Data records:
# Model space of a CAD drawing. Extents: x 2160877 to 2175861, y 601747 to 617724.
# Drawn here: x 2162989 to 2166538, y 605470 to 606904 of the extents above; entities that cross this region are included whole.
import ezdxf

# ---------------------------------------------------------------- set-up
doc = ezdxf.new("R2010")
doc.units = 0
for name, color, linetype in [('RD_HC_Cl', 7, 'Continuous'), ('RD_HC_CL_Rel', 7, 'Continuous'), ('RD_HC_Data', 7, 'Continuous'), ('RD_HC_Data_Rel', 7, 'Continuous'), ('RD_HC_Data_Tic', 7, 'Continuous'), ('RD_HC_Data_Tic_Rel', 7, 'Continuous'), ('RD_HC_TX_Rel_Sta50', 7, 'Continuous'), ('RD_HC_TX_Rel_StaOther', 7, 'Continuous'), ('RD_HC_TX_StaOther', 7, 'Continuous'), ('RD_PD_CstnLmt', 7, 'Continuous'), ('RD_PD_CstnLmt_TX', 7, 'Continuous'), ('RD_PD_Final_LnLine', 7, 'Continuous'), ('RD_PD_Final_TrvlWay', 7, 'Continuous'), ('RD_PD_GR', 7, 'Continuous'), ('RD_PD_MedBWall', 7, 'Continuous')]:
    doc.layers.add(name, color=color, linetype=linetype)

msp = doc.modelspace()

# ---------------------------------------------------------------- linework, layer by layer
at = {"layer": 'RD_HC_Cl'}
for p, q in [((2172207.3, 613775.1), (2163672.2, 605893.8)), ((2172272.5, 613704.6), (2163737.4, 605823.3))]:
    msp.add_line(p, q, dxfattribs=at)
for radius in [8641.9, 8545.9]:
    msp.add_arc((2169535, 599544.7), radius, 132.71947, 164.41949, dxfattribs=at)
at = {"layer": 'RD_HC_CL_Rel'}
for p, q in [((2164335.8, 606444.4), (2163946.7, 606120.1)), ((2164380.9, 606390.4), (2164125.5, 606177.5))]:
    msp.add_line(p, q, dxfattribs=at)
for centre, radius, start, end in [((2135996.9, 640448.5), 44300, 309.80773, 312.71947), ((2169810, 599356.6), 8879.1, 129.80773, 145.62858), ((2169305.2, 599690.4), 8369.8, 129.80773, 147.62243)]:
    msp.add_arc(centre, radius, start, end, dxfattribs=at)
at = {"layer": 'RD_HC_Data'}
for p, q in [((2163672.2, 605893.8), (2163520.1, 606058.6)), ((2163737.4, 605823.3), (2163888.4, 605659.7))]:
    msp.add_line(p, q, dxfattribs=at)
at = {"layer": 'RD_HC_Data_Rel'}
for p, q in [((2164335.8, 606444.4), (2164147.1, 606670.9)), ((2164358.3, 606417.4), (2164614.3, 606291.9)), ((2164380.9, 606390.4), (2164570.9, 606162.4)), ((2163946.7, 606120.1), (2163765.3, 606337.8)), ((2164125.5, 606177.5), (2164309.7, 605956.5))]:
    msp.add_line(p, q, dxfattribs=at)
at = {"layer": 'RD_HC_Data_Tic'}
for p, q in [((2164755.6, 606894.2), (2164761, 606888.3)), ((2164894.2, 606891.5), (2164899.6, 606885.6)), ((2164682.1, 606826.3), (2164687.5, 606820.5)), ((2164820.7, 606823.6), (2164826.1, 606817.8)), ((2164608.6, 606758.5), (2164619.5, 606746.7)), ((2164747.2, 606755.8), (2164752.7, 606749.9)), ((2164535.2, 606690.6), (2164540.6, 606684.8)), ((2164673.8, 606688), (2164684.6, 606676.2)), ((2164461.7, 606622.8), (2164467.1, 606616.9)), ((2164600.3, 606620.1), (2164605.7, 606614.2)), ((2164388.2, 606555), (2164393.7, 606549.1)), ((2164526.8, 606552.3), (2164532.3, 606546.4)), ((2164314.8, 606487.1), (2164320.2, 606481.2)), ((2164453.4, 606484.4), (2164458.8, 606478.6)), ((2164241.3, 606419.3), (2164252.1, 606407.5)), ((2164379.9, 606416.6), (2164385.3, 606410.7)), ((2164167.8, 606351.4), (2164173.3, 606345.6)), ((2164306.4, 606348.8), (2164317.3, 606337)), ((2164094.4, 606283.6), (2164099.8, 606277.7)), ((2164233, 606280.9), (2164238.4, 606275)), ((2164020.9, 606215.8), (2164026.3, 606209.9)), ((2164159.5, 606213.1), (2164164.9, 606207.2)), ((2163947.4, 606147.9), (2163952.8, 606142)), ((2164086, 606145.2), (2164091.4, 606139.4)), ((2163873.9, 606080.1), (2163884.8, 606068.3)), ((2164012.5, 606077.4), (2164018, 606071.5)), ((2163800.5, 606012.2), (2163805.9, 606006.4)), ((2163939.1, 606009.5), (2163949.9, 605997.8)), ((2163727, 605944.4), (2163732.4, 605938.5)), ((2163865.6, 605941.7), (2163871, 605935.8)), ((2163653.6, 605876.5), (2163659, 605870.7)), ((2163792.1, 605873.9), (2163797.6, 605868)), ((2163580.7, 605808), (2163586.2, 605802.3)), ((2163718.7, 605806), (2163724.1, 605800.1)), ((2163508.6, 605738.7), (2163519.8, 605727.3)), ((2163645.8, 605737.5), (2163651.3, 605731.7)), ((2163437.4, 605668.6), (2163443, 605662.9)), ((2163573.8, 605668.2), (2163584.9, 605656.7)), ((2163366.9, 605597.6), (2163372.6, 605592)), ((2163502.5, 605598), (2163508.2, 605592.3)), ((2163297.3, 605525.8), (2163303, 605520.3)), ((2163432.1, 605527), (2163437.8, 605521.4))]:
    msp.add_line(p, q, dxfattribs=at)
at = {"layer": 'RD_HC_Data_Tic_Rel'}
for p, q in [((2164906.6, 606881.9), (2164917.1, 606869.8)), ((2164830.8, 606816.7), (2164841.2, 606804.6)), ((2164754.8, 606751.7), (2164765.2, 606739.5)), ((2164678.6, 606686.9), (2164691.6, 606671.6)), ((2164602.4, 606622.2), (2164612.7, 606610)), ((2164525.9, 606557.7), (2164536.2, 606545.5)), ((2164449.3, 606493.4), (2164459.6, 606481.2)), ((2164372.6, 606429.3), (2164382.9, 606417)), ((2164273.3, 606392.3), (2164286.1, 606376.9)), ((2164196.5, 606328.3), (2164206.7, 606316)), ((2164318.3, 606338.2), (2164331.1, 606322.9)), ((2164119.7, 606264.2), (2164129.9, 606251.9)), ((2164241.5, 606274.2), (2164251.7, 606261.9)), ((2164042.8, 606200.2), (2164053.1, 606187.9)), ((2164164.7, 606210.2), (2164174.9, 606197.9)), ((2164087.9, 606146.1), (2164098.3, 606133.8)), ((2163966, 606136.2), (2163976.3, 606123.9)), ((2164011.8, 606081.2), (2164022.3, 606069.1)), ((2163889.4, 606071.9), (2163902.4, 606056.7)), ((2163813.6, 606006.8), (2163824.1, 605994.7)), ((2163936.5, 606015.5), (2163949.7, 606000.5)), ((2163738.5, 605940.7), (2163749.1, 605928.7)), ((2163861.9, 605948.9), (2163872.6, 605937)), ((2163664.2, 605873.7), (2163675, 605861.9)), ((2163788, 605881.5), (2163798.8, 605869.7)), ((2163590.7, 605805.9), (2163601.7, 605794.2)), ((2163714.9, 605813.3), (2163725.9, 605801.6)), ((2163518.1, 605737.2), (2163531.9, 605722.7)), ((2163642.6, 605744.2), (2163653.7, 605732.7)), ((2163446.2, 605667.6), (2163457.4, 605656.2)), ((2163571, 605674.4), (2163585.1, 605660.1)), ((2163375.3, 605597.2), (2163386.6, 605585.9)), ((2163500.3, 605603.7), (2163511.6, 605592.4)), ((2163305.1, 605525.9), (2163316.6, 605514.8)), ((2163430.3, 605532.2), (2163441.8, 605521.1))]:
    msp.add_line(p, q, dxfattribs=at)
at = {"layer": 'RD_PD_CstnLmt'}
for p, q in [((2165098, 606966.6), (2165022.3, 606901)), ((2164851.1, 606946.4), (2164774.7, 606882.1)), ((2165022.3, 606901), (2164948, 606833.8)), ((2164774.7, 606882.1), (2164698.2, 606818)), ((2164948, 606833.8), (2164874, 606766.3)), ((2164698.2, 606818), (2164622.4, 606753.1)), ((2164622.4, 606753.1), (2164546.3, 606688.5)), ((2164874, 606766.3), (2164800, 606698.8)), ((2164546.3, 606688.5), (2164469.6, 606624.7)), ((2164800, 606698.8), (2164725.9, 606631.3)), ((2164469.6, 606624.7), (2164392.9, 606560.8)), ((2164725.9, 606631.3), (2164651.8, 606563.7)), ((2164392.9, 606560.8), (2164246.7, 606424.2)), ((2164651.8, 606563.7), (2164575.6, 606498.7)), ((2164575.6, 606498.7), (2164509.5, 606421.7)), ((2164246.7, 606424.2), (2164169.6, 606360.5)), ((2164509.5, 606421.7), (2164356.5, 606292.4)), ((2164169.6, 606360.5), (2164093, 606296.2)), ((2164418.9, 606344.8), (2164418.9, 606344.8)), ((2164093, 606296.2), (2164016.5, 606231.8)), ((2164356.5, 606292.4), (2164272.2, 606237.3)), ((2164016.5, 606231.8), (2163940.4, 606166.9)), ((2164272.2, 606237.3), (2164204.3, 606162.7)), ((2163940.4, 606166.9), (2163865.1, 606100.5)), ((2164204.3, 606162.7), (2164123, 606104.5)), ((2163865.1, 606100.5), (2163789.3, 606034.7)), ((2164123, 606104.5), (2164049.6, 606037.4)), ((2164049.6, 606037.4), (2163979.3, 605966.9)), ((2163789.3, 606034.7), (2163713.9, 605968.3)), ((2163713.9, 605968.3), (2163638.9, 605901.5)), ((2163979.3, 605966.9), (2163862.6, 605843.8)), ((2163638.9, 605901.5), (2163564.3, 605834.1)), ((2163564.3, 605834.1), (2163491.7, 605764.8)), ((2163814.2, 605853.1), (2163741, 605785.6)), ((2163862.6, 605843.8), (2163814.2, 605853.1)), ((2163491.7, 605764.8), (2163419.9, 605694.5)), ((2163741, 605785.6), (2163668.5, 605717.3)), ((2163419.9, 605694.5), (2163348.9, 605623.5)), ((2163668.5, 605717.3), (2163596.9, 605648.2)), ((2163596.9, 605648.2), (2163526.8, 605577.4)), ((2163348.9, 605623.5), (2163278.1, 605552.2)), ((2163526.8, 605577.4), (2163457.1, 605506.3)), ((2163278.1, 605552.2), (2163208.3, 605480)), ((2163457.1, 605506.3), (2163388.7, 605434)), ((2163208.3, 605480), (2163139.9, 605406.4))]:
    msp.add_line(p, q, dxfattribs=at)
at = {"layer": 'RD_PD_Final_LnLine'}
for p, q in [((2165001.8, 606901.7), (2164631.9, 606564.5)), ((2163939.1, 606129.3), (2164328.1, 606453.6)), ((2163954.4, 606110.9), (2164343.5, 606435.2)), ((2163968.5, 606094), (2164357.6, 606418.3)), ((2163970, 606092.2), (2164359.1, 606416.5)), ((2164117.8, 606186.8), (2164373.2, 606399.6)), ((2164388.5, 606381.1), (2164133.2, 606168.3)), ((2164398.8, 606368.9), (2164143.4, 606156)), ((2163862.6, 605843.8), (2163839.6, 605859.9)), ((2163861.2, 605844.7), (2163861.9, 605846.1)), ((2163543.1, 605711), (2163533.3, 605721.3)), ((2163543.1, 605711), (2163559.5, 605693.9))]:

EXERCISE AIM
Read the entries above and find each line holding the word "radius". Copy it out.

ANSWER SPACE
for radius in [8641.9, 8545.9]:
    msp.add_arc((2169535, 599544.7), radius, 132.71947, 164.41949, dxfattribs=at)
for centre, radius, start, end in [((2135996.9, 640448.5), 44300, 309.80773, 312.71947), ((2169810, 599356.6), 8879.1, 129.80773, 145.62858), ((2169305.2, 599690.4), 8369.8, 129.80773, 147.62243)]:
    msp.add_arc(centre, radius, start, end, dxfattribs=at)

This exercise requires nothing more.